Prima che il sole tramonti, mastro Diego si presenta alla locanda col suo fagotto sulle spalle. Filippina gli fa segno di aspettare fuori, va a controllare che il marito stia dormendo sotto l’effetto di un infuso di erbe selvatiche che gli ha fatto trangugiare con la scusa di lenirgli i dolori reumatici, lascia l’incarico di badare alla locanda alla domestica e si incammina qualche passo indietro rispetto a mastro Diego.
Filippina questa volta è pronta a tutto pur di risolvere la questione e quando, giunti sotto le Forche, il suo compagno le dice che deve denudarsi la gamba sinistra e con quella pestare la pietra sacra pronunciando orribili bestemmie, non ci trova niente di strano e, tirandosi su la gonna la arrotola quasi fino all’anca, comincia la danza diabolica.
– Continua Filippì, continua, ho visto un lampo nel cielo sereno e sento dei rumori mai sentiti prima, questi sono i primi segni! – la incita, tutto eccitato.
Dopo un po’ la fa smettere dicendole che avrebbe dovuto ripetere la stessa danza in un altro posto e la porta davanti la chiesa del monastero dei Padri Riformati e lì Filippina ripete la stregoneria, accompagnando la danza con le orribili bestemmie che mastro Diego le ha detto di pronunciare.
– Basta! Basta! – la interrompe – mi è arrivato il segno che il tesoro è già nella stalla e dobbiamo andare a prenderlo!
Filippina, ansante per la danza forsennata, sorride, tira un lungo sospiro di sollievo, rimette a posto la gonna e i due si incamminano a ritroso verso la locanda ma, giunti davanti alla Croce della Riforma, proprio accanto ad una vecchia cappella diroccata, mastro Diego si ferma.

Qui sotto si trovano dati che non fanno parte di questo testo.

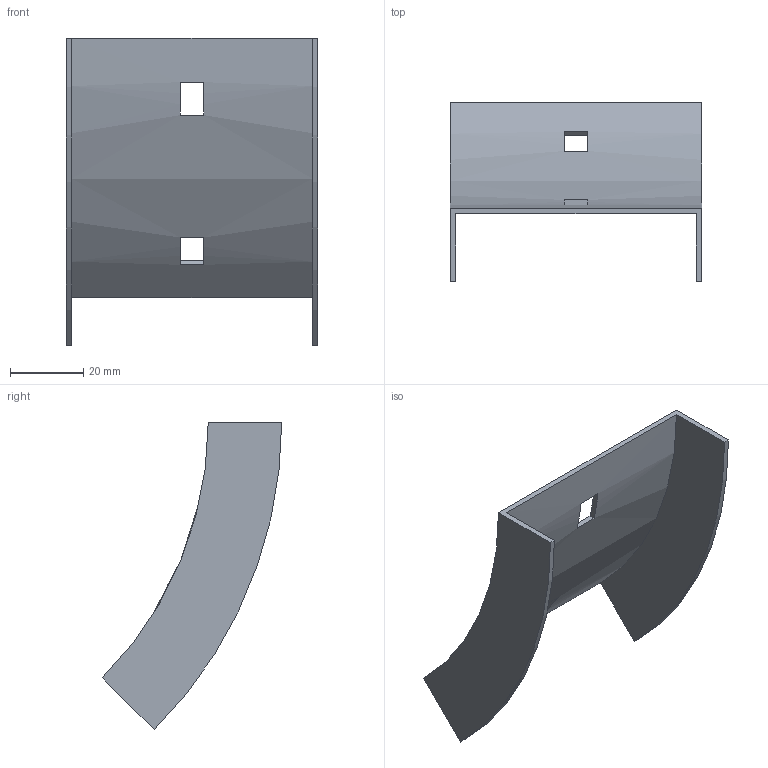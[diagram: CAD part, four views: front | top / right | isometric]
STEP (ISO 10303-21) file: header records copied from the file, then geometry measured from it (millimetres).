
FILE_DESCRIPTION (( 'STEP AP214' ), '1' );
FILE_NAME ('31N1R065.step', '2025-02-21T09:22:48', ( '' ), ( '' ), 'SwSTEP 2.0', 'SolidWorks 2023', '' );
FILE_SCHEMA (( 'AUTOMOTIVE_DESIGN' ));
Length unit declared in the file: millimetre
Products named in the file (1): 31N1R065
Bounding box: 68.5 x 48.85 x 83.79 mm (x, y, z)
Volume: 12593.6 mm3; surface area: 17479.7 mm2
Topology: 1 solids, 1 shells, 18 faces, 48 edges, 32 vertices
Faces by surface type: plane 14, cylinder 4
Entity records: 599 total; most frequent: DIRECTION 102, CARTESIAN_POINT 99, ORIENTED_EDGE 96, EDGE_CURVE 48, AXIS2_PLACEMENT_3D 35, VECTOR 32, LINE 32, VERTEX_POINT 32

– Vado a buttare il teschio e la pietra là dentro – le dice mentre sparisce nel buio.
Filippina aspetta qualche secondo, poi fa per seguire mastro Diego ma, come fantasmi, dai lati della cappella si materializzano due figure. Una è armata con  un fucile a tracolla e un coltellaccio in mano, l’altra con un grosso bastone. È terrorizzata quando li riconosce: Francesco Nigro e Bruno Acri, due clienti della sua locanda!
I due l’afferrano per le braccia e la trascinano verso la cappella.
– Cammina, puttana! Vieni che te lo diamo noi il tesoro, brutta porca!
La buttano a terra e Nigro la colpisce ripetute volte col calcio del fucile nelle costole, togliendole il respiro, mentre Acri sfodera dal grosso bastone una lama e le infilza il piede sinistro. Filippina si dibatte ma i colpi le tolgono ben presto ogni forza e i due la buttano per terra nella cappella, dove mastro Diego sta aspettando con un ghigno mefistofelico sulle labbra.
– Aiutami – lo supplica Filippina, ma quello le fa scintillare davanti agli occhi la lama del suo coltellaccio col quale le taglia in due i vestiti e le salta sopra.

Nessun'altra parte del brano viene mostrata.